_Problem statement_
The lines to copy are those with "inside" in them. Pull each one from the entries below.

_Available data_

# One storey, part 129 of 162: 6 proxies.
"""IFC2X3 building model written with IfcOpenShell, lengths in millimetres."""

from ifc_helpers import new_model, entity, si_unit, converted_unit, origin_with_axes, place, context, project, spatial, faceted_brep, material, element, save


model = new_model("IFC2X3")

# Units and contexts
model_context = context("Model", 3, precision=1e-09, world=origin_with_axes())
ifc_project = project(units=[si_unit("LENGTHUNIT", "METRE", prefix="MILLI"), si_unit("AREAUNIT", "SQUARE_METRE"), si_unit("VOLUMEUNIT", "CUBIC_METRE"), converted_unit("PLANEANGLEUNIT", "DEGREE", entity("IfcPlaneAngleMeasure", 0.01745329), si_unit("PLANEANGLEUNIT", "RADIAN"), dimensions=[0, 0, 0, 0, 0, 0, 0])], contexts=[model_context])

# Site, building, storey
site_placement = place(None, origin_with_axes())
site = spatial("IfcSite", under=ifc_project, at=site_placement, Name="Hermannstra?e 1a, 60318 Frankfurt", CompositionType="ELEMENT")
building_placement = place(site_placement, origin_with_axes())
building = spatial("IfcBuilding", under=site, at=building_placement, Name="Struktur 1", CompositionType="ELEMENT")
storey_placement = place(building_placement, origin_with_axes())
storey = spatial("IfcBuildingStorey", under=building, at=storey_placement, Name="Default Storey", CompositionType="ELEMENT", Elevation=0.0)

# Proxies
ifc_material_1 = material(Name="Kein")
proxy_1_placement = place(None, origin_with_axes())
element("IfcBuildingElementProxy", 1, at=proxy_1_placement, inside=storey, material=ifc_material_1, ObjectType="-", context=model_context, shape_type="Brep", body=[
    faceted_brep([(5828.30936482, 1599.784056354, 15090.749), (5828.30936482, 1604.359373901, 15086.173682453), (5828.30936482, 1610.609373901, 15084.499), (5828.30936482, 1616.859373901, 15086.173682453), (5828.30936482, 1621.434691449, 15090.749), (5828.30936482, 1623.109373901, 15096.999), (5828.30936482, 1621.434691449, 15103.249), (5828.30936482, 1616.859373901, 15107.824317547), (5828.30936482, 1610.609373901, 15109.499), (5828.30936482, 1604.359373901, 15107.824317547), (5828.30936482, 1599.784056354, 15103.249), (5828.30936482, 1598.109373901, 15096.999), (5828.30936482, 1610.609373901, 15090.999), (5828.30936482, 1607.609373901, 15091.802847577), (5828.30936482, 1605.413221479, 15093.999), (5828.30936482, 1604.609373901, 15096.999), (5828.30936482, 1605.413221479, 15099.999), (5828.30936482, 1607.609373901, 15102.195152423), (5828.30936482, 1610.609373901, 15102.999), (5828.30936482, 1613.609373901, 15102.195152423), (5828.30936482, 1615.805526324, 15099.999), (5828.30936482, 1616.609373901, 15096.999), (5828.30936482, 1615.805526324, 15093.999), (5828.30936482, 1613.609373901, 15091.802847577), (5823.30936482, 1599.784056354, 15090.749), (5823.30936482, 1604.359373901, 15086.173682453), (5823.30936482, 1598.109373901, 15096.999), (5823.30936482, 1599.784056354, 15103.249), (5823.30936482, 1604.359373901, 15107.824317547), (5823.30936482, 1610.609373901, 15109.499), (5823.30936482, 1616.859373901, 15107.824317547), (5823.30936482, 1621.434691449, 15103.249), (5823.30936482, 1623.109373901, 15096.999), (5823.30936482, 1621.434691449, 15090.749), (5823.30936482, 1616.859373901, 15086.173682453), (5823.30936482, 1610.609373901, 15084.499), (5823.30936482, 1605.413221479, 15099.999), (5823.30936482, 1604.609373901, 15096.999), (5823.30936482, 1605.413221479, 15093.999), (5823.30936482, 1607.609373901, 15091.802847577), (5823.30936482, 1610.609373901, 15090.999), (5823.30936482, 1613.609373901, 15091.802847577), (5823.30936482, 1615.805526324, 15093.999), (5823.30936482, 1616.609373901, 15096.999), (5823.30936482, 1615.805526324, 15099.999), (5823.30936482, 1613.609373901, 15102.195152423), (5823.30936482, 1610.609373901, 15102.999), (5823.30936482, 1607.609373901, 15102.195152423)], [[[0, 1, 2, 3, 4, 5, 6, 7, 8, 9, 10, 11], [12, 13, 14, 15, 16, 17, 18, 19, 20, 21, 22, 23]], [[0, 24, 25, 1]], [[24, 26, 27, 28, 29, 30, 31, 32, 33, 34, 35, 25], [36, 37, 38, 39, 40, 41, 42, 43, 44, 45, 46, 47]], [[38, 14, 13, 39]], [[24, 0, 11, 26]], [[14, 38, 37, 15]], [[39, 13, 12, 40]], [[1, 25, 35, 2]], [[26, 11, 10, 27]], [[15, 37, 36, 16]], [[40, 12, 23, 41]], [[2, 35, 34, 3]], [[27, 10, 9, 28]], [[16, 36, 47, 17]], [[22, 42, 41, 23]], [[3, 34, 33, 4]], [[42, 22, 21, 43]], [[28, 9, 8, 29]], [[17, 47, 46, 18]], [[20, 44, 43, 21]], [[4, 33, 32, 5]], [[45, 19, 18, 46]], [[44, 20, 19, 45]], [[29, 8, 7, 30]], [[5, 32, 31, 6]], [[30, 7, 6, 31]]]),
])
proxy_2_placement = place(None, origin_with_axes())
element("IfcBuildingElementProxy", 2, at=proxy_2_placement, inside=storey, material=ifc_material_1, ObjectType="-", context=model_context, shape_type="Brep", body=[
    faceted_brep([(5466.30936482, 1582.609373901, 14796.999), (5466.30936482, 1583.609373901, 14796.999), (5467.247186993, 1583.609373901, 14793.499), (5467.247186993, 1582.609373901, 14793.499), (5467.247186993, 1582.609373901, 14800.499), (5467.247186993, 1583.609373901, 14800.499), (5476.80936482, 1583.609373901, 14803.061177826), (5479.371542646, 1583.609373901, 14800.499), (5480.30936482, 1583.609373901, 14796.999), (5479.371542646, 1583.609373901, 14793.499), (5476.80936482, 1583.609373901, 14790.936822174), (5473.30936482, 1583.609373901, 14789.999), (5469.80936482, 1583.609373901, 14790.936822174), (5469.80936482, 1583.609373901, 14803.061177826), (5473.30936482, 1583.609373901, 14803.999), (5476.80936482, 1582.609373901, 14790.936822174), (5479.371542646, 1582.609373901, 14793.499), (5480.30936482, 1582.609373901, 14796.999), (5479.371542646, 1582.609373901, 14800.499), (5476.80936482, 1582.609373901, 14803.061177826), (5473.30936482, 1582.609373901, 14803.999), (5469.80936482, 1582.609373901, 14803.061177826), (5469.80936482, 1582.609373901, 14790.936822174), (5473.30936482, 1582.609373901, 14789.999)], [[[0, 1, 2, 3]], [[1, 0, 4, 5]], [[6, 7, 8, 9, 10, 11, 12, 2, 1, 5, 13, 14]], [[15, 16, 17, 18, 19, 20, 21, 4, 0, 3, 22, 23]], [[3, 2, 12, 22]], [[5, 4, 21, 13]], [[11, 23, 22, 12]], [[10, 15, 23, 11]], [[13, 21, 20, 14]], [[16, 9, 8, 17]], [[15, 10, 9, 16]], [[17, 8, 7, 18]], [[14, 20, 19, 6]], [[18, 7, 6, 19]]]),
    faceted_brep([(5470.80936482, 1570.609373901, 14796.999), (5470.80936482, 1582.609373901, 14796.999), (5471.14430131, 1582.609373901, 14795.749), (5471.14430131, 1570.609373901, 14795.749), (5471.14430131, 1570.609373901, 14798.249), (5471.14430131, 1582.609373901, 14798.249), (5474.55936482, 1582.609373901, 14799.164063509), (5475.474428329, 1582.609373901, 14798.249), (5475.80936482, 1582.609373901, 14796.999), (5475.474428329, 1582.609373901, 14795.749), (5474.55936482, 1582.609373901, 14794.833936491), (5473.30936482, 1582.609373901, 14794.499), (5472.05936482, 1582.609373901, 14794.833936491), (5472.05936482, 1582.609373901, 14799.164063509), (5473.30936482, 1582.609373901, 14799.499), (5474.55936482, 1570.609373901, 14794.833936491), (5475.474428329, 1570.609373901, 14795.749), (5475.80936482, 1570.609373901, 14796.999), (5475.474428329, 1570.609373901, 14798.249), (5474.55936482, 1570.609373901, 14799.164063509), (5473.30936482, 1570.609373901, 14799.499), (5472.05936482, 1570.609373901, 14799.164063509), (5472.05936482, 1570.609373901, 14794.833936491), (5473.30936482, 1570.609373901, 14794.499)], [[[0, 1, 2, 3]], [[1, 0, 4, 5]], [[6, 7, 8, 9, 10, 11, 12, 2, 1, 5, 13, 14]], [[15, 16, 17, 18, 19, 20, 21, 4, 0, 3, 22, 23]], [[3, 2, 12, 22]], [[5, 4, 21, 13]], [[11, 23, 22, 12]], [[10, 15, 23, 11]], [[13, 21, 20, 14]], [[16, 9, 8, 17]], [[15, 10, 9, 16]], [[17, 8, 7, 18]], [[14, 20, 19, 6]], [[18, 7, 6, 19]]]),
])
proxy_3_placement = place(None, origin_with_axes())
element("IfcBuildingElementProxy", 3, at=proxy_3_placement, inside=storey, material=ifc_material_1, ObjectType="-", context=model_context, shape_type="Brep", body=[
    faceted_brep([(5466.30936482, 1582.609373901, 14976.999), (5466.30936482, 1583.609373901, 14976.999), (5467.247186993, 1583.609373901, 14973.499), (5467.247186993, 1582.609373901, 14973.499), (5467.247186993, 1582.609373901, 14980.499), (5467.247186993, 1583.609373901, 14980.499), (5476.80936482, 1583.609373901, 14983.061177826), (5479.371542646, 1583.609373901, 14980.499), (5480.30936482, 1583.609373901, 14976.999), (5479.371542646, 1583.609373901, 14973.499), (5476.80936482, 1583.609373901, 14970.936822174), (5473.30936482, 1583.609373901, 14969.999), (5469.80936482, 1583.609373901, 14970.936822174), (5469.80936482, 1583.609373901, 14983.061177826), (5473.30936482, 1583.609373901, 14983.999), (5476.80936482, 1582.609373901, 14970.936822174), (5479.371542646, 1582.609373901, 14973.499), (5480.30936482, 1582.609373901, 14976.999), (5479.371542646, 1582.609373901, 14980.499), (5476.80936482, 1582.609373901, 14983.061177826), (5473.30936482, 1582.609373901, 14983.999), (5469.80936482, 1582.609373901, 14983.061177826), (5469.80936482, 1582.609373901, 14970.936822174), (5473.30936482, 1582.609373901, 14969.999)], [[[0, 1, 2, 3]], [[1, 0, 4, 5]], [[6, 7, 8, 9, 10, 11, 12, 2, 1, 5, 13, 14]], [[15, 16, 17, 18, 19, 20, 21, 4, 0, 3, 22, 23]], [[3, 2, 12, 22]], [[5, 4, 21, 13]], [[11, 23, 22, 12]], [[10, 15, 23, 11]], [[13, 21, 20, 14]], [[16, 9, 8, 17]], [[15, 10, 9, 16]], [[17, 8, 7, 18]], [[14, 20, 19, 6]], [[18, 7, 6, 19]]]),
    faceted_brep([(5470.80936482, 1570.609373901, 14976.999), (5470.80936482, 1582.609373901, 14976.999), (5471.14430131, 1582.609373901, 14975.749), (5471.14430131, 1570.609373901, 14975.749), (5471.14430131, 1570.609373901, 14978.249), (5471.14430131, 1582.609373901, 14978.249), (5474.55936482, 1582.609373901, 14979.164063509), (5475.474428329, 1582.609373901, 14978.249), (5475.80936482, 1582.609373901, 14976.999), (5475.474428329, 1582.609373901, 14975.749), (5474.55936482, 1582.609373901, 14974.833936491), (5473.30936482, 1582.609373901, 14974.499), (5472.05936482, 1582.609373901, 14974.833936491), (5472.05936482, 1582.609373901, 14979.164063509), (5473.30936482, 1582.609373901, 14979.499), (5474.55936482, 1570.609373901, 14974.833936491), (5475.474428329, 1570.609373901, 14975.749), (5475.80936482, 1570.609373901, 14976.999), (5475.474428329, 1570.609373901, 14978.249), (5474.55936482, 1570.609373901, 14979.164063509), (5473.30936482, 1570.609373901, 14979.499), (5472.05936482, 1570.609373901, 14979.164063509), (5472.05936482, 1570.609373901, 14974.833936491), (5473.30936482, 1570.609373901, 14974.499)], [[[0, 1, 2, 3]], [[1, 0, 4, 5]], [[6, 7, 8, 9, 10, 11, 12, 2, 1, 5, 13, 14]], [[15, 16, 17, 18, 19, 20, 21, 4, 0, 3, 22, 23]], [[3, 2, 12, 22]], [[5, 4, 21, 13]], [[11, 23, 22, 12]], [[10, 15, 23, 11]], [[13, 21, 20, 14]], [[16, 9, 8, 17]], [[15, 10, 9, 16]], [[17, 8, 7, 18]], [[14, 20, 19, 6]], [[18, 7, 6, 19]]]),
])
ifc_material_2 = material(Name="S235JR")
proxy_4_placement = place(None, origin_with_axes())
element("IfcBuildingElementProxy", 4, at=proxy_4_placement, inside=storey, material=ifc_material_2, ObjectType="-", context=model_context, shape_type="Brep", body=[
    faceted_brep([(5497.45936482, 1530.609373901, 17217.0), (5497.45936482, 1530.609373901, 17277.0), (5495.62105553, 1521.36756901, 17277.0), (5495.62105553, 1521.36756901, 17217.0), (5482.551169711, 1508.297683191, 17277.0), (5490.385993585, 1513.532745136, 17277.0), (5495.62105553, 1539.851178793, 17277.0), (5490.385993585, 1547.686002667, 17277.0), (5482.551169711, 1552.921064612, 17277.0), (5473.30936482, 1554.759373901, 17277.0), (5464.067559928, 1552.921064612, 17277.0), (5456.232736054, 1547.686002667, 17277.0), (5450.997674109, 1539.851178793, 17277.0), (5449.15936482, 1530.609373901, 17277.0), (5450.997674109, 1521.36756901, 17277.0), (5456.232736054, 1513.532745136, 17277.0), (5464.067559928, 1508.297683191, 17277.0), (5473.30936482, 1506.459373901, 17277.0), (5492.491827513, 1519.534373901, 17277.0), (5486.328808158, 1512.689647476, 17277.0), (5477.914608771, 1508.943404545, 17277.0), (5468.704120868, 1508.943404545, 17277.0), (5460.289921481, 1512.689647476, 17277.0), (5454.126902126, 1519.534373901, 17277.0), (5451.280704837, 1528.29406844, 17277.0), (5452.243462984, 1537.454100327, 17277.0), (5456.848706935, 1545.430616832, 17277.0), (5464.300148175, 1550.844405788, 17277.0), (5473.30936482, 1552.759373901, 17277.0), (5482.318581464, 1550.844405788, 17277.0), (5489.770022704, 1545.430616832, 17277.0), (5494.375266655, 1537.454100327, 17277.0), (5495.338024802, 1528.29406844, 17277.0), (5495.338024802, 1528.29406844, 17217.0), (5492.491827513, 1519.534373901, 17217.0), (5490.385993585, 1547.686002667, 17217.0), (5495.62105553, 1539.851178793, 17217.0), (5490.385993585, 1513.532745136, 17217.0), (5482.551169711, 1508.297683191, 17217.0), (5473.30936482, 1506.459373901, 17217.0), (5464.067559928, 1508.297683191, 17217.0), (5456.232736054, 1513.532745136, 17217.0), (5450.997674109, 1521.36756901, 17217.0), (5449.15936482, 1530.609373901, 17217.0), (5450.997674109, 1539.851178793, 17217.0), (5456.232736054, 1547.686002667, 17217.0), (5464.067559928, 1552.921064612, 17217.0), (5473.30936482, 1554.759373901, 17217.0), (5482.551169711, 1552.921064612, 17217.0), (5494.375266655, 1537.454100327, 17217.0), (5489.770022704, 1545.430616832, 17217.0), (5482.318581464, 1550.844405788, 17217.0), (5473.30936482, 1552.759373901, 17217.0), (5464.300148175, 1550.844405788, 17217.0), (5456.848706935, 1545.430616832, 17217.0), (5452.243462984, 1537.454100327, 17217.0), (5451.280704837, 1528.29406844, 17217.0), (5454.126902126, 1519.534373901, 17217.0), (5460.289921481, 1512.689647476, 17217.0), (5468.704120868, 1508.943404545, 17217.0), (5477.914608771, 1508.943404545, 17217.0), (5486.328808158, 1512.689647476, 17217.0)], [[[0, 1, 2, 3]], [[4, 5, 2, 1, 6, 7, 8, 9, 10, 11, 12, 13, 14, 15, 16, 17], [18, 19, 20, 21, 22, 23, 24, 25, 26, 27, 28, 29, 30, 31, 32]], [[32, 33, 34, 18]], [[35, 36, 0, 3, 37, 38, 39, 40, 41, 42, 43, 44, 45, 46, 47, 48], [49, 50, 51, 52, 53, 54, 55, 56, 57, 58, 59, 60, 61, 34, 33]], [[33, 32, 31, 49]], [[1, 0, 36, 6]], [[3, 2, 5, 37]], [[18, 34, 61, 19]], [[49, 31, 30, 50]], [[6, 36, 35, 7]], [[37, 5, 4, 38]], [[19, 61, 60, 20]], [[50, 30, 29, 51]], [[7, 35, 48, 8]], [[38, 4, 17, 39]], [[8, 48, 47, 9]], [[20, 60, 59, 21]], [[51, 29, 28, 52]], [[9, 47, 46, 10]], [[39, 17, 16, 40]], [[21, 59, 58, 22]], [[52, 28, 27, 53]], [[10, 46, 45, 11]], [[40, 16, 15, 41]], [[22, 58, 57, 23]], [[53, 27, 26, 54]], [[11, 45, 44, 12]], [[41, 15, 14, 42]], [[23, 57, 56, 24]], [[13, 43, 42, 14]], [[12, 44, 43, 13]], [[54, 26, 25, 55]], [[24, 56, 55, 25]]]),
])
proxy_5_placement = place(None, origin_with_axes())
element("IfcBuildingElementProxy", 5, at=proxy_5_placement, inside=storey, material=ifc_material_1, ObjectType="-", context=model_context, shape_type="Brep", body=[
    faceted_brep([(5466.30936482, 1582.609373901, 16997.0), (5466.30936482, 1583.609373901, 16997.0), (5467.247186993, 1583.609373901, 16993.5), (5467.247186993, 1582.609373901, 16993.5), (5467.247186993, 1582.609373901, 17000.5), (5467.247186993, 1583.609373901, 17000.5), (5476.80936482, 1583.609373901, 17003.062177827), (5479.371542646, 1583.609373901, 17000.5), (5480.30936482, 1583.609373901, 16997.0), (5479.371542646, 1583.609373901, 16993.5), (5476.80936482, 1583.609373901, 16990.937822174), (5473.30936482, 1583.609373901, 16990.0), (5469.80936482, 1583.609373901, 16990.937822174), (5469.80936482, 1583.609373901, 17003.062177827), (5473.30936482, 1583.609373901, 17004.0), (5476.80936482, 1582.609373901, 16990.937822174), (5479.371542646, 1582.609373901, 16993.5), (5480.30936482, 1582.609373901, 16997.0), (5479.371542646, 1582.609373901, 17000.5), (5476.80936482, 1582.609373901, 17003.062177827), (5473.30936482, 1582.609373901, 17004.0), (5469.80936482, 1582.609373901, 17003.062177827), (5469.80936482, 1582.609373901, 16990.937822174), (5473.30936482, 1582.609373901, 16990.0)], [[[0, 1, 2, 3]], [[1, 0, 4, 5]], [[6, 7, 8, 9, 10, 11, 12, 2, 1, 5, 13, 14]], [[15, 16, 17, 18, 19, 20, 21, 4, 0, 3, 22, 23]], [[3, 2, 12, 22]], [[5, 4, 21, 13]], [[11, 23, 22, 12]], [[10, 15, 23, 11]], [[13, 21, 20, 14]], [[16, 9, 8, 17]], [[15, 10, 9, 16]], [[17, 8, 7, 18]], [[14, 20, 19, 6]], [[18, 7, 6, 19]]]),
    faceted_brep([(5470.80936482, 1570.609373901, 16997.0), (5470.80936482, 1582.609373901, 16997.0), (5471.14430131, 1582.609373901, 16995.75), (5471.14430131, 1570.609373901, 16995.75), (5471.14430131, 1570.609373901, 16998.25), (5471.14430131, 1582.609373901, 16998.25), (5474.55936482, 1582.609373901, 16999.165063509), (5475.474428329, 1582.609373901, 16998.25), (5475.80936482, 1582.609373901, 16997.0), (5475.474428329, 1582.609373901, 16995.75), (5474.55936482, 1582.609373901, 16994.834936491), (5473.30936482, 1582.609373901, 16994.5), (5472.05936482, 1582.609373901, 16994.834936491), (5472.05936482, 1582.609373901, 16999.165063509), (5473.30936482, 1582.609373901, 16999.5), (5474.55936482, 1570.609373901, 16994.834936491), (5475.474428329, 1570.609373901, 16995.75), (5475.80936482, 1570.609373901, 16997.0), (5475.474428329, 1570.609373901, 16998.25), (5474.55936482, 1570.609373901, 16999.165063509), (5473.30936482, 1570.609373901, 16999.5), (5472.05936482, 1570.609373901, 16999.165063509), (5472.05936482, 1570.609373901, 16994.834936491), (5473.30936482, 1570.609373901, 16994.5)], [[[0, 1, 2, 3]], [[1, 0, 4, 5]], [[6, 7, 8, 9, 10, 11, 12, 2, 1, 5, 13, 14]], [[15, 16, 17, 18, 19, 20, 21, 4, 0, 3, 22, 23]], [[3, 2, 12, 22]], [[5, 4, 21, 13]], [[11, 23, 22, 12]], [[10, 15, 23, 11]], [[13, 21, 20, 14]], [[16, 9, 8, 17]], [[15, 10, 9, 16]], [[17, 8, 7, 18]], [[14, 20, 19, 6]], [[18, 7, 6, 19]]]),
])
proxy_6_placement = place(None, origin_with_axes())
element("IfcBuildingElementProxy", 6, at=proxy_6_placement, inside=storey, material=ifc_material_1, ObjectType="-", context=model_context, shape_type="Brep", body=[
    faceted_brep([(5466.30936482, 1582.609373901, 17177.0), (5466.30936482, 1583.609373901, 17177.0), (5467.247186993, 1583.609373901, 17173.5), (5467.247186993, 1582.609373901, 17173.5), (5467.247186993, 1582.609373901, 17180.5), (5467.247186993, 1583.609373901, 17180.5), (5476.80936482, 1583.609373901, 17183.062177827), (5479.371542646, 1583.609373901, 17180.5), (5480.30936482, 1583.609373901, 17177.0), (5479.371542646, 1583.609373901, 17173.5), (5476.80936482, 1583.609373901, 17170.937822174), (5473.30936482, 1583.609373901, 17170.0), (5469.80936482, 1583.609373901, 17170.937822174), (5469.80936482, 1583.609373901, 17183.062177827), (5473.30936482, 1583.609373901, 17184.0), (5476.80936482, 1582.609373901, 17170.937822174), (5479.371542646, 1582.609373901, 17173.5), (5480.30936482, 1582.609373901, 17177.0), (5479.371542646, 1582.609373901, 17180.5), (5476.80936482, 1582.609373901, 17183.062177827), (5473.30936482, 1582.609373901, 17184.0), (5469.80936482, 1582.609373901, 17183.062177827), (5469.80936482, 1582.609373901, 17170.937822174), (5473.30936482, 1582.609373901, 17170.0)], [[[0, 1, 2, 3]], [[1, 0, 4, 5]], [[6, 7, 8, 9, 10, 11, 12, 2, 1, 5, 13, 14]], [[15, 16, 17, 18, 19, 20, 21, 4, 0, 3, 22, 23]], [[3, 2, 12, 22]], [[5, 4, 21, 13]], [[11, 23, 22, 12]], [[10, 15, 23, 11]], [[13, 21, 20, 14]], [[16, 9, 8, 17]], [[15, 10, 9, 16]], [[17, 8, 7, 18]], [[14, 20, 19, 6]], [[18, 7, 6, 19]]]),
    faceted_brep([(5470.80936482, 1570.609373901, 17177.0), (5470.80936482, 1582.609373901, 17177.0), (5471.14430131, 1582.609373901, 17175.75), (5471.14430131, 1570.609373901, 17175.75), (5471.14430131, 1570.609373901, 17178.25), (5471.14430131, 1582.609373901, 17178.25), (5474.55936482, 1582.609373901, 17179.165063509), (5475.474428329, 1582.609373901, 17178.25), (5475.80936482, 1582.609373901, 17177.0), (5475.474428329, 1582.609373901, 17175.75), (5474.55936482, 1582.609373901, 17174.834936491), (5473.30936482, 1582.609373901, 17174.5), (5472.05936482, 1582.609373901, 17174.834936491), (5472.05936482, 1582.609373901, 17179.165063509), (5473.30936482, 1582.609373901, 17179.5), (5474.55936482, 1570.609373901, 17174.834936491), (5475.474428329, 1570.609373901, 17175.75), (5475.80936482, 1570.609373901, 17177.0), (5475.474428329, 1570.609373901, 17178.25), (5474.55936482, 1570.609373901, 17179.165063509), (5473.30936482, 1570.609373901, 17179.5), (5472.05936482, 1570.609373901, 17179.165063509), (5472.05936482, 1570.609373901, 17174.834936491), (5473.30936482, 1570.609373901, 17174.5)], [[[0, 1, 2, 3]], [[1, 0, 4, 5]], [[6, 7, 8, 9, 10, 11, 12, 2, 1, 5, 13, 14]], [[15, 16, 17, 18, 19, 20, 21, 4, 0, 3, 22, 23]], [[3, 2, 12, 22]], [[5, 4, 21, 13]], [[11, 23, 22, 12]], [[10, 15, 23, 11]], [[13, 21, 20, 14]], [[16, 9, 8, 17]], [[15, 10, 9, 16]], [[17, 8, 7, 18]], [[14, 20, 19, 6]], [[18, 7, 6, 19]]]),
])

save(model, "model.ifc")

_Answer below_
element("IfcBuildingElementProxy", 1, at=proxy_1_placement, inside=storey, material=ifc_material_1, ObjectType="-", context=model_context, shape_type="Brep", body=[
element("IfcBuildingElementProxy", 2, at=proxy_2_placement, inside=storey, material=ifc_material_1, ObjectType="-", context=model_context, shape_type="Brep", body=[
element("IfcBuildingElementProxy", 3, at=proxy_3_placement, inside=storey, material=ifc_material_1, ObjectType="-", context=model_context, shape_type="Brep", body=[
element("IfcBuildingElementProxy", 4, at=proxy_4_placement, inside=storey, material=ifc_material_2, ObjectType="-", context=model_context, shape_type="Brep", body=[
element("IfcBuildingElementProxy", 5, at=proxy_5_placement, inside=storey, material=ifc_material_1, ObjectType="-", context=model_context, shape_type="Brep", body=[
element("IfcBuildingElementProxy", 6, at=proxy_6_placement, inside=storey, material=ifc_material_1, ObjectType="-", context=model_context, shape_type="Brep", body=[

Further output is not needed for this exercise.